Gina Dent is Associate Professor of Feminist Studies, History of Consciousness, and Legal Studies at University of California, Santa Cruz. She served previously as Director of the Institute for Advanced Feminist Research and as Principal Investigator for the UC Multicampus Research Group on Transnationalizing Justice. She is the editor of Black Popular Culture ([1993] New York: The New Press, 1998) and author of articles on race, feminism, popular culture, and visual art.

Neferti Xina M. Tadiar (moderator) is Professor of Women’s, Gender, and Sexuality Studies at Barnard College, Columbia University. She is the author of two books: Things Fall Away: Philippine Historical Experience and the Makings of Globalization (2009) and Fantasy-Production: Sexual Economies and Other Philippine Consequences for the New World Order (2004).

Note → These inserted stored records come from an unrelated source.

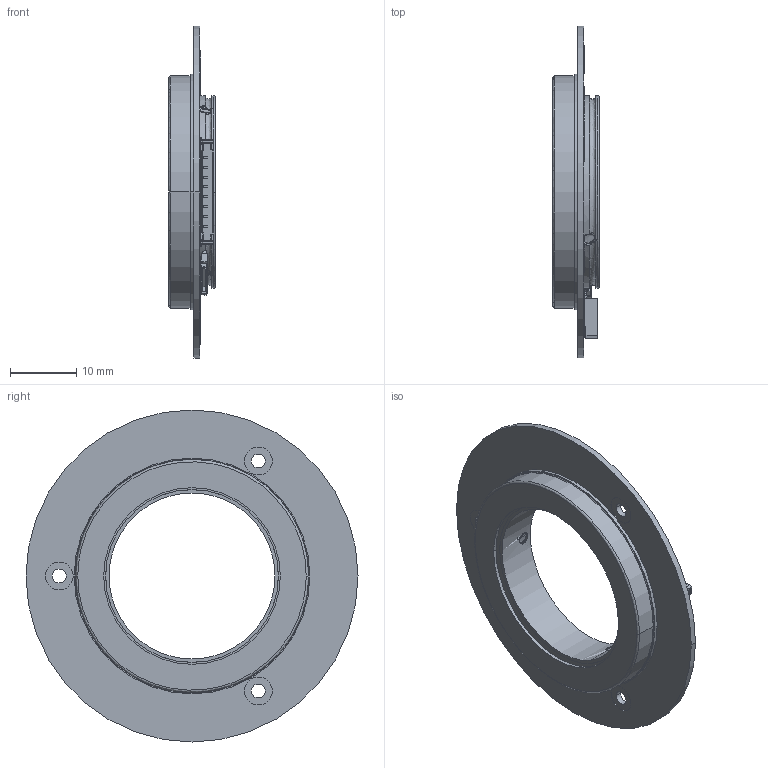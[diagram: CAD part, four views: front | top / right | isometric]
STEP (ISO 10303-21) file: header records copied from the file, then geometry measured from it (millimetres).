
FILE_DESCRIPTION (( 'STEP AP214' ), '1' );
FILE_NAME ('MBS-25-50R.STEP', '2024-07-16T01:35:34', ( '' ), ( '' ), 'SwSTEP 2.0', 'SolidWorks 2016', '' );
FILE_SCHEMA (( 'AUTOMOTIVE_DESIGN' ));
Length unit declared in the file: millimetre
Products named in the file (1): MBS-25-50R
Bounding box: 7 x 50 x 50 mm (x, y, z)
Surface area: 7118.6 mm2 (no closed solid volume)
Topology: 0 solids, 26 shells, 1375 faces, 3748 edges, 2443 vertices
Faces by surface type: plane 890, bspline 328, cylinder 145, cone 12
Full cylindrical faces by diameter (mm): 25 x1
Entity records: 91477 total; most frequent: CARTESIAN_POINT 52754, ORIENTED_EDGE 7431, DIRECTION 5405, EDGE_CURVE 3720, VECTOR 2699, LINE 2699, VERTEX_POINT 2440, EDGE_LOOP 1468
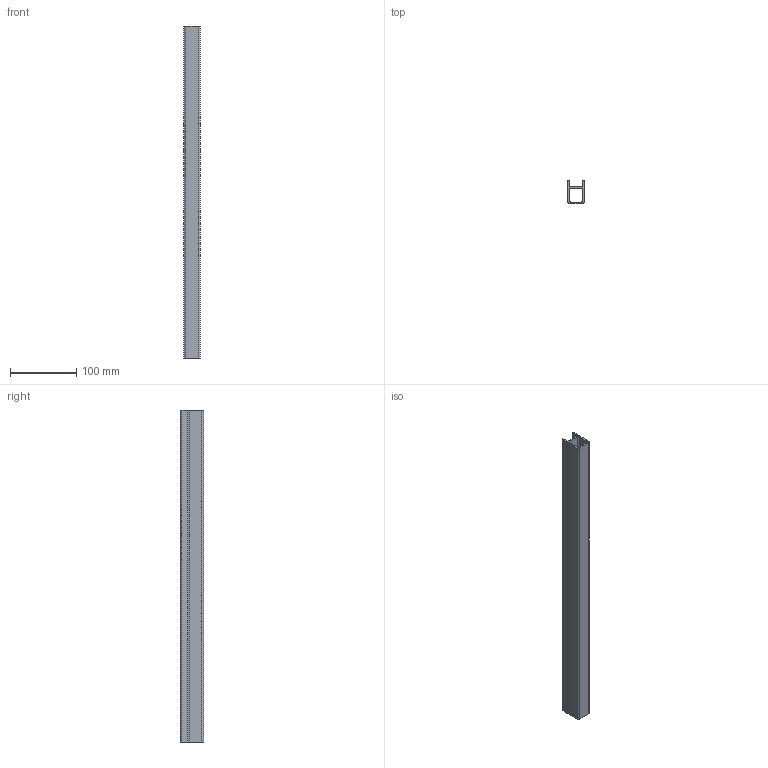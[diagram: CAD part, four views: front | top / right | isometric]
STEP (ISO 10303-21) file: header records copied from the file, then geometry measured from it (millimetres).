
FILE_DESCRIPTION (( 'STEP AP214' ), '1' );
FILE_NAME ('A40713.step', '2024-12-03T16:11:58', ( '' ), ( '' ), 'SwSTEP 2.0', 'SolidWorks 2023', '' );
FILE_SCHEMA (( 'AUTOMOTIVE_DESIGN' ));
Length unit declared in the file: millimetre
Products named in the file (1): A40713
Bounding box: 25 x 35 x 500 mm (x, y, z)
Volume: 110373.5 mm3; surface area: 108552.2 mm2
Topology: 1 solids, 1 shells, 28 faces, 78 edges, 52 vertices
Faces by surface type: plane 16, cylinder 12
Entity records: 933 total; most frequent: DIRECTION 160, CARTESIAN_POINT 159, ORIENTED_EDGE 156, EDGE_CURVE 78, VECTOR 54, LINE 54, AXIS2_PLACEMENT_3D 53, VERTEX_POINT 52
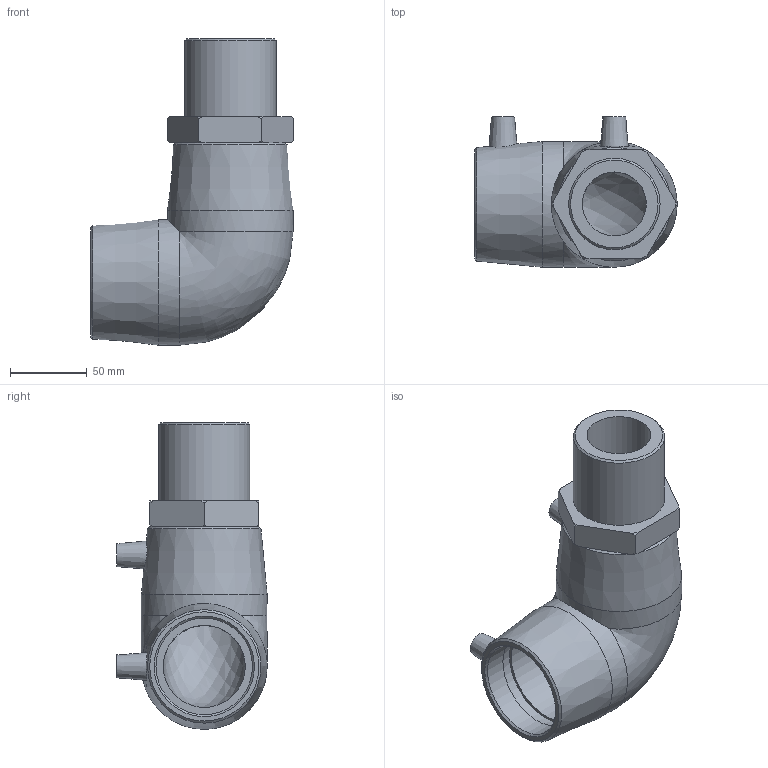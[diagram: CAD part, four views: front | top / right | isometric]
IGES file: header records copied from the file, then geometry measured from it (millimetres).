
Global section: file name: 492504063020N.ipt; native system: Autodesk Inventor 2015; preprocessor: unknown; author: KIM; date: 20200202.122354; units: millimetre
Bounding box: 132 x 98 x 200 mm (x, y, z)
Volume: 570524.3 mm3; surface area: 108173.2 mm2
Topology: 1 solids, 2 shells, 59 faces, 143 edges, 96 vertices
Faces by surface type: plane 22, cone 19, revolution 10, cylinder 7, bspline 1
Full cylindrical faces by diameter (mm): 4 x2, 59.614 x1, 63 x2, 82 x2

Visual Communications (VC): VISUAL COMMUNICATIONS’ mission is to develop and support the voices of Asian American & Pacific Islander filmmakers and media artists who empower communities and challenge perspectives. Founded in 1970 with the understanding that media and the arts are powerful forms of storytelling, Visual Communications creates cross cultural connections between peoples and generations. https://vcmedia.org/

Location:
*Sponsored by: Rutgers Global Asias (CCA), Rutgers Global, SAS American Studies, Cornell University’s Southeast Asia Program (SEAP), UCLA Asian American Studies, Columbia Center for Race & Ethnicity, University of Toronto’s Women’s and Gender Studies Institute, The Dr. David Chuh Program in Asia-Pacific Studies, and Mark Bonham Centre for Sexual Diversity Studies in partnership with Visual Communications and the 36th annual Los Angeles Asian Pacific Film Festival.

This event is co-organized by Christine Bacareza Balance (Cornell University), Lucy MSP Burns (University of California Los Angeles), Robert Diaz (University of Toronto), Allan Punzalan Isaac (Rutgers University), and Neferti Tadiar (Barnard College). This event is in partnership with Los Angeles’s Visual Communications and the 36th annual Los Angeles Asian Pacific Film Festival.